Das steht wiederum eine Sektion tiefer unter: https://de.wikipedia.org/wiki/Geradengleichung#Zweipunkteform
x1,y1 sind die Koordinaten des ersten Punktes (das Objekt, auf dem du berechneGeradengleichung aufrufst) und x2,y2 sind die Koordinaten des zweiten Punktes (des Parameters).
Jetzt brauchst du die Formel zur Berechnung von m und n einfach nur noch abzuschreiben mit Hilfe der arithmetischen Java Operatoren '-', '*' und '/'.

Die Ausgabe der Formel wiederum sollst du angeblich mit printf, also mit java.io.PrintStream.printf(), z.B. über System.out.printf(...) tun. Schaue dir die Dokumentation von der Methode mal an.


----------



## gentlemanjacko (31. Mai 2018)

httpdigest, es sieht danach aus, dass du diese Aufgabe in java umsetzen kannst.
ich persönlich habe große Schwierigkeiten, es wäre sehr sehr nett mir eine lösung zu zeigen.
p.s die formel verstehe ich nur ich weiß nur nicht wie ich das in java schreibe.


----------



## httpdigest (31. Mai 2018)

Du musst doch die nötigen Grundlagen irgendwo (Schule) gelernt haben oder in der Lage sein, dir die nötigen Informationen zu beschaffen/recherchieren, sonst kann doch niemand von dir verlangen, die Aufgabe zu lösen...
Ich versteh' gerade überhaupt nicht, dass du mit anscheinend absolut Null Vorwissen eine solche Aufgabe lösen möchtest.
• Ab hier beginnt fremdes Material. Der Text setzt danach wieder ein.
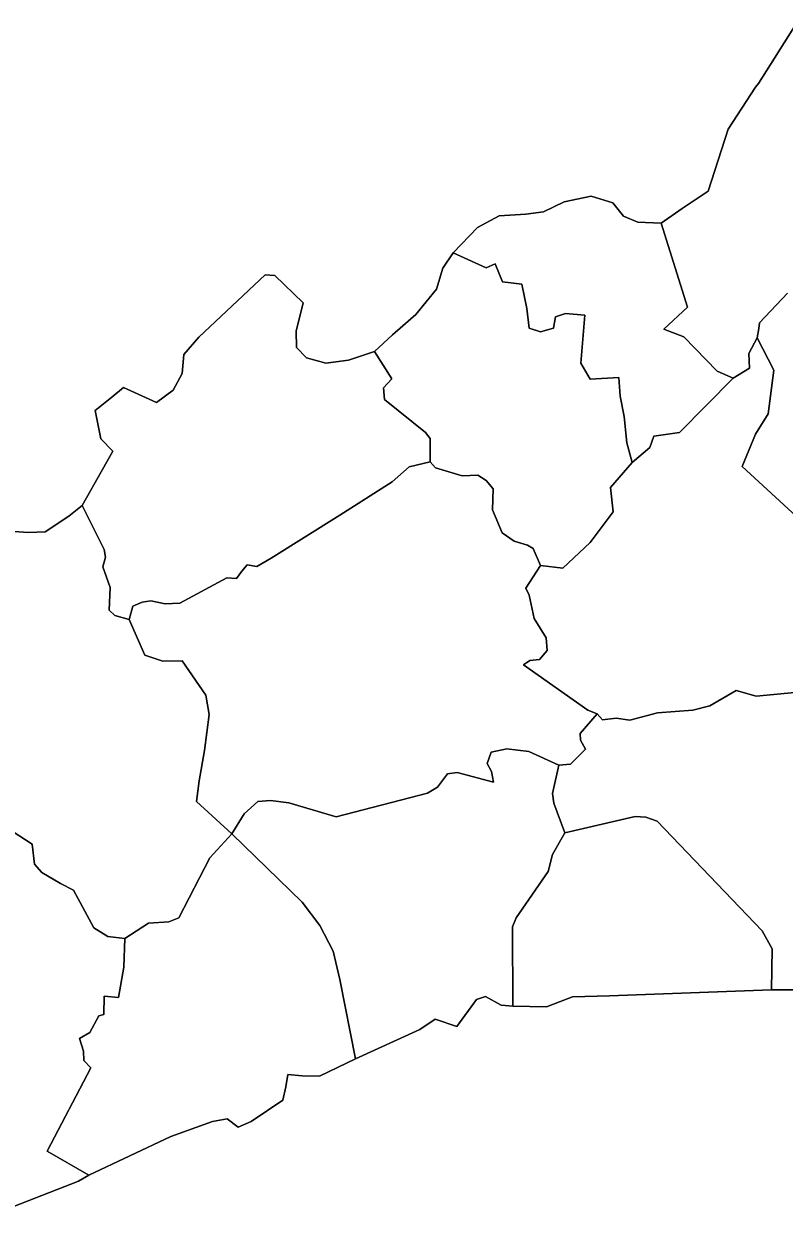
# Model space of a CAD drawing. Extents: x 1190067 to 1192950, y 891516 to 893460.
# Drawn here: x 1191795.54 to 1191820.53, y 893243.08 to 893282.06 of the extents above; entities that cross this region are included whole.
import ezdxf

# ---------------------------------------------------------------- set-up
doc = ezdxf.new("R2010")
doc.units = 0
doc.layers.add('Old_Level_11', color=7, linetype='Continuous')

msp = doc.modelspace()

# ---------------------------------------------------------------- linework, layer by layer
at = {"layer": 'Old_Level_11'}
for points in [[(1191820.925, 893282.055), (1191819.688, 893280.093), (1191819.581, 893279.974), (1191818.686, 893278.588), (1191818.027, 893276.548), (1191817.173, 893275.983), (1191816.487, 893275.5), (1191815.717, 893275.531), (1191815.251, 893275.728), (1191814.902, 893276.168), (1191814.18, 893276.385), (1191813.295, 893276.202), (1191812.623, 893275.876), (1191812.036, 893275.795), (1191811.163, 893275.738), (1191810.454, 893275.35), (1191809.646, 893274.526), (1191809.315, 893274.013), (1191809.098, 893273.333), (1191808.419, 893272.5), (1191807.657, 893271.83), (1191807.066, 893271.275), (1191806.208, 893270.993), (1191805.461, 893270.892), (1191804.832, 893271.066), (1191804.506, 893271.407), (1191804.485, 893271.947), (1191804.72, 893272.879), (1191803.794, 893273.773), (1191803.474, 893273.797), (1191801.287, 893271.745), (1191800.793, 893271.18), (1191800.744, 893270.551), (1191800.445, 893270.004), (1191799.9, 893269.602), (1191798.814, 893270.093), (1191798.436, 893269.772), (1191797.889, 893269.339), (1191798.075, 893268.408), (1191798.461, 893268.001), (1191798.126, 893267.394), (1191797.458, 893266.211), (1191797.015, 893265.864)], [(1191820.632, 893273.194), (1191819.712, 893272.225), (1191819.696, 893272.036), (1191819.637, 893271.725), (1191819.367, 893271.209), (1191819.39, 893270.732), (1191818.847, 893270.398), (1191818.321, 893270.631), (1191817.229, 893271.765), (1191816.575, 893272.008), (1191817.345, 893272.737), (1191816.487, 893275.5), (1191817.173, 893275.983), (1191818.027, 893276.548), (1191818.686, 893278.588), (1191819.581, 893279.974), (1191819.688, 893280.093), (1191820.925, 893282.055)], [(1191818.847, 893270.398), (1191817.089, 893268.613), (1191816.244, 893268.492), (1191816.116, 893268.123), (1191815.529, 893267.634), (1191815.359, 893268.279), (1191815.271, 893269.14), (1191815.136, 893269.815), (1191815.091, 893270.42), (1191814.155, 893270.369), (1191813.846, 893270.9), (1191813.979, 893272.472), (1191813.34, 893272.523), (1191813.01, 893272.423), (1191812.946, 893272.048), (1191812.518, 893271.924), (1191812.143, 893272.048), (1191812.068, 893272.688), (1191811.91, 893273.492), (1191811.273, 893273.574), (1191811.032, 893274.163), (1191810.731, 893274.028), (1191809.646, 893274.526), (1191810.454, 893275.35), (1191811.163, 893275.738), (1191812.036, 893275.795), (1191812.623, 893275.876), (1191813.295, 893276.202), (1191814.18, 893276.385), (1191814.902, 893276.168), (1191815.251, 893275.728), (1191815.717, 893275.531), (1191816.487, 893275.5), (1191817.345, 893272.737), (1191816.575, 893272.008), (1191817.229, 893271.765), (1191818.321, 893270.631), (1191818.847, 893270.398)], [(1191809.646, 893274.526), (1191810.731, 893274.028), (1191811.032, 893274.163), (1191811.273, 893273.574), (1191811.91, 893273.492), (1191812.068, 893272.688), (1191812.143, 893272.048), (1191812.518, 893271.924), (1191812.946, 893272.048), (1191813.01, 893272.423), (1191813.34, 893272.523), (1191813.979, 893272.472), (1191813.846, 893270.9), (1191814.155, 893270.369), (1191815.091, 893270.42), (1191815.136, 893269.815), (1191815.271, 893269.14), (1191815.359, 893268.279), (1191815.529, 893267.634), (1191814.818, 893266.806), (1191814.911, 893266.009), (1191814.153, 893264.997), (1191813.249, 893264.154), (1191812.52, 893264.244), (1191812.278, 893264.8), (1191812.095, 893264.909), (1191811.657, 893265.038), (1191811.264, 893265.322), (1191810.942, 893266.074), (1191810.967, 893266.766), (1191810.732, 893267.037), (1191810.458, 893267.217), (1191809.943, 893267.194), (1191809.067, 893267.452), (1191808.891, 893267.655), (1191808.889, 893268.414), (1191808.745, 893268.615), (1191807.388, 893269.7), (1191807.355, 893270.082), (1191807.636, 893270.376), (1191807.066, 893271.275), (1191807.657, 893271.83), (1191808.419, 893272.5), (1191809.098, 893273.333), (1191809.315, 893274.013), (1191809.646, 893274.526)], [(1191801.287, 893271.745), (1191803.474, 893273.797), (1191803.794, 893273.773), (1191804.72, 893272.879), (1191804.485, 893271.947), (1191804.506, 893271.407), (1191804.832, 893271.066), (1191805.461, 893270.892), (1191806.208, 893270.993), (1191807.066, 893271.275), (1191807.636, 893270.376), (1191807.355, 893270.082), (1191807.388, 893269.7), (1191808.745, 893268.615), (1191808.889, 893268.414), (1191808.891, 893267.655), (1191808.203, 893267.488), (1191807.65, 893266.993), (1191805.927, 893265.895), (1191803.669, 893264.488), (1191803.198, 893264.208), (1191802.882, 893264.263), (1191802.706, 893264.056), (1191802.527, 893263.817), (1191802.209, 893263.841), (1191800.671, 893263.009), (1191800.189, 893262.982), (1191799.717, 893263.08), (1191799.425, 893263.038), (1191799.127, 893262.902), (1191798.998, 893262.47), (1191798.528, 893262.599), (1191798.349, 893262.77), (1191798.374, 893263.525), (1191798.138, 893264.204), (1191798.226, 893264.513), (1191798.182, 893264.769), (1191797.458, 893266.211), (1191798.126, 893267.394), (1191798.461, 893268.001), (1191798.075, 893268.408), (1191797.889, 893269.339), (1191798.436, 893269.772), (1191798.814, 893270.093), (1191799.9, 893269.602), (1191800.445, 893270.004), (1191800.744, 893270.551), (1191800.793, 893271.18), (1191801.287, 893271.745)], [(1191821.755, 893265.1), (1191819.142, 893267.496), (1191819.588, 893268.565), (1191819.998, 893269.227), (1191820.188, 893270.666), (1191819.637, 893271.725), (1191819.696, 893272.036), (1191819.712, 893272.225), (1191820.632, 893273.194)], [(1191819.367, 893271.209), (1191819.637, 893271.725), (1191820.188, 893270.666), (1191819.998, 893269.227), (1191819.588, 893268.565), (1191819.142, 893267.496), (1191821.755, 893265.1)], [(1191822.608, 893260.235), (1191819.61, 893259.949), (1191818.955, 893260.129), (1191818.081, 893259.634), (1191817.526, 893259.491), (1191816.367, 893259.396), (1191815.452, 893259.155), (1191815.01, 893259.223), (1191814.558, 893259.164), (1191814.384, 893259.367), (1191814.074, 893259.487), (1191811.961, 893260.978), (1191812.165, 893261.119), (1191812.487, 893261.156), (1191812.736, 893261.452), (1191812.706, 893261.864), (1191812.311, 893262.495), (1191812.151, 893263.264), (1191812.041, 893263.493), (1191812.52, 893264.244), (1191813.249, 893264.154), (1191814.153, 893264.997), (1191814.911, 893266.009), (1191814.818, 893266.806), (1191815.529, 893267.634), (1191816.116, 893268.123), (1191816.244, 893268.492), (1191817.089, 893268.613), (1191818.847, 893270.398), (1191819.39, 893270.732), (1191819.367, 893271.209)], [(1191808.203, 893267.488), (1191808.891, 893267.655), (1191809.067, 893267.452), (1191809.943, 893267.194), (1191810.458, 893267.217), (1191810.732, 893267.037), (1191810.967, 893266.766), (1191810.942, 893266.074), (1191811.264, 893265.322), (1191811.657, 893265.038), (1191812.095, 893264.909), (1191812.278, 893264.8), (1191812.52, 893264.244), (1191812.041, 893263.493), (1191812.151, 893263.264), (1191812.311, 893262.495), (1191812.706, 893261.864), (1191812.736, 893261.452), (1191812.487, 893261.156), (1191812.165, 893261.119), (1191811.961, 893260.978), (1191814.074, 893259.487), (1191814.384, 893259.367), (1191813.819, 893258.72), (1191813.832, 893258.498), (1191813.999, 893258.202), (1191813.51, 893257.706), (1191813.124, 893257.674), (1191812.14, 893258.13), (1191811.413, 893258.219), (1191810.893, 893258.102), (1191810.767, 893257.735), (1191810.905, 893257.472), (1191810.972, 893257.121), (1191809.785, 893257.434), (1191809.462, 893257.396), (1191809.139, 893256.95), (1191808.804, 893256.755), (1191805.806, 893255.98), (1191804.248, 893256.444), (1191803.648, 893256.521), (1191803.23, 893256.489), (1191802.784, 893256.083), (1191802.381, 893255.422), (1191801.22, 893256.482), (1191801.305, 893257.168), (1191801.478, 893258.162), (1191801.634, 893259.346), (1191801.523, 893259.984), (1191800.748, 893261.112), (1191800.107, 893261.096), (1191799.515, 893261.298), (1191798.998, 893262.47), (1191799.127, 893262.902), (1191799.425, 893263.038), (1191799.717, 893263.08), (1191800.189, 893262.982), (1191800.671, 893263.009), (1191802.209, 893263.841), (1191802.527, 893263.817), (1191802.706, 893264.056), (1191802.882, 893264.263), (1191803.198, 893264.208), (1191803.669, 893264.488), (1191805.927, 893265.895), (1191807.65, 893266.993), (1191808.203, 893267.488)], [(1191797.458, 893266.211), (1191798.182, 893264.769), (1191798.226, 893264.513), (1191798.138, 893264.204), (1191798.374, 893263.525), (1191798.349, 893262.77), (1191798.528, 893262.599), (1191798.998, 893262.47), (1191799.515, 893261.298), (1191800.107, 893261.096), (1191800.748, 893261.112), (1191801.523, 893259.984), (1191801.634, 893259.346), (1191801.478, 893258.162), (1191801.305, 893257.168), (1191801.22, 893256.482), (1191802.381, 893255.422), (1191801.649, 893254.627), (1191800.637, 893252.661), (1191800.308, 893252.529), (1191799.636, 893252.484), (1191798.865, 893251.975), (1191798.297, 893252.048), (1191797.841, 893252.332), (1191797.171, 893253.574), (1191796.742, 893253.793), (1191796.131, 893254.151), (1191795.896, 893254.419), (1191795.818, 893255.085), (1191794.114, 893256.18)], [(1191794.896, 893265.385), (1191795.693, 893265.328), (1191796.24, 893265.351), (1191797.015, 893265.864), (1191797.458, 893266.211)], [(1191797.015, 893265.864), (1191796.24, 893265.351), (1191795.693, 893265.328), (1191794.896, 893265.385)], [(1191822.756, 893250.289), (1191820.115, 893250.289), (1191820.137, 893251.637), (1191819.806, 893252.229), (1191816.353, 893255.842), (1191815.981, 893255.967), (1191815.633, 893255.995), (1191813.323, 893255.457), (1191812.957, 893256.429), (1191812.919, 893256.747), (1191813.124, 893257.674), (1191813.51, 893257.706), (1191813.999, 893258.202), (1191813.832, 893258.498), (1191813.819, 893258.72), (1191814.384, 893259.367), (1191814.558, 893259.164), (1191815.01, 893259.223), (1191815.452, 893259.155), (1191816.367, 893259.396), (1191817.526, 893259.491), (1191818.081, 893259.634), (1191818.955, 893260.129), (1191819.61, 893259.949), (1191822.608, 893260.235)], [(1191813.323, 893255.457), (1191812.912, 893254.736), (1191812.77, 893254.181), (1191811.72, 893252.663), (1191811.6, 893252.358), (1191811.608, 893249.753), (1191811.229, 893249.783), (1191810.712, 893250.074), (1191810.418, 893249.972), (1191809.772, 893249.082), (1191809.061, 893249.325), (1191808.557, 893248.988), (1191806.445, 893248.022), (1191805.922, 893250.633), (1191805.709, 893251.559), (1191805.267, 893252.409), (1191804.69, 893253.174), (1191802.381, 893255.422), (1191802.784, 893256.083), (1191803.23, 893256.489), (1191803.648, 893256.521), (1191804.248, 893256.444), (1191805.806, 893255.98), (1191808.804, 893256.755), (1191809.139, 893256.95), (1191809.462, 893257.396), (1191809.785, 893257.434), (1191810.972, 893257.121), (1191810.905, 893257.472), (1191810.767, 893257.735), (1191810.893, 893258.102), (1191811.413, 893258.219), (1191812.14, 893258.13), (1191813.124, 893257.674), (1191812.919, 893256.747), (1191812.957, 893256.429), (1191813.323, 893255.457)], [(1191794.114, 893256.18), (1191795.818, 893255.085), (1191795.896, 893254.419), (1191796.131, 893254.151), (1191796.742, 893253.793), (1191797.171, 893253.574), (1191797.841, 893252.332), (1191798.297, 893252.048), (1191798.865, 893251.975), (1191798.825, 893251.037), (1191798.654, 893250.045), (1191798.18, 893250.08), (1191798.166, 893249.486), (1191798.004, 893249.435), (1191797.708, 893248.892), (1191797.375, 893248.696), (1191797.503, 893248.28), (1191797.511, 893247.966), (1191797.747, 893247.729), (1191796.302, 893244.985), (1191797.671, 893244.197), (1191797.339, 893244.003), (1191794.987, 893243.077)], [(1191813.323, 893255.457), (1191815.633, 893255.995), (1191815.981, 893255.967), (1191816.353, 893255.842), (1191819.806, 893252.229), (1191820.137, 893251.637), (1191820.115, 893250.289), (1191814.786, 893250.096), (1191813.575, 893250.067), (1191812.719, 893249.728), (1191811.608, 893249.753), (1191811.6, 893252.358), (1191811.72, 893252.663), (1191812.77, 893254.181), (1191812.912, 893254.736), (1191813.323, 893255.457)], [(1191802.381, 893255.422), (1191804.69, 893253.174), (1191805.267, 893252.409), (1191805.709, 893251.559), (1191805.922, 893250.633), (1191806.445, 893248.022), (1191805.256, 893247.455), (1191804.685, 893247.467), (1191804.211, 893247.503), (1191804.148, 893247.1), (1191804.05, 893246.669), (1191803.01, 893245.964), (1191802.584, 893245.777), (1191802.224, 893246.054), (1191801.741, 893245.965), (1191800.369, 893245.471), (1191797.671, 893244.197), (1191796.302, 893244.985), (1191797.747, 893247.729), (1191797.511, 893247.966), (1191797.503, 893248.28), (1191797.375, 893248.696), (1191797.708, 893248.892), (1191798.004, 893249.435), (1191798.166, 893249.486), (1191798.18, 893250.08), (1191798.654, 893250.045), (1191798.825, 893251.037), (1191798.865, 893251.975), (1191799.636, 893252.484), (1191800.308, 893252.529), (1191800.637, 893252.661), (1191801.649, 893254.627), (1191802.381, 893255.422)], [(1191794.987, 893243.077), (1191797.339, 893244.003), (1191797.671, 893244.197), (1191800.369, 893245.471), (1191801.741, 893245.965), (1191802.224, 893246.054), (1191802.584, 893245.777), (1191803.01, 893245.964), (1191804.05, 893246.669), (1191804.148, 893247.1), (1191804.211, 893247.503), (1191804.685, 893247.467), (1191805.256, 893247.455), (1191806.445, 893248.022), (1191808.557, 893248.988), (1191809.061, 893249.325), (1191809.772, 893249.082), (1191810.418, 893249.972), (1191810.712, 893250.074), (1191811.229, 893249.783), (1191811.608, 893249.753), (1191812.719, 893249.728), (1191813.575, 893250.067), (1191814.786, 893250.096), (1191820.115, 893250.289), (1191822.756, 893250.289)], [(1191803.01, 893245.964), (1191802.584, 893245.777), (1191802.224, 893246.054), (1191801.741, 893245.965), (1191800.369, 893245.471), (1191797.671, 893244.197), (1191797.339, 893244.003)]]:
    msp.add_lwpolyline(points, dxfattribs=at)

doc.saveas('drawing.dxf')

Wer verlangt das denn von dir?


----------



## VfL_Freak (1. Jun 2018)

Moin,


gentlemanjacko hat gesagt.:


> (Lösung bitte)


BTW: so etwas solltest Du dann besser hier (https://www.java-forum.org/forum/private-stellangebote-und-stellensuche-von-usern.97/) posten !!
VG Klaus


----------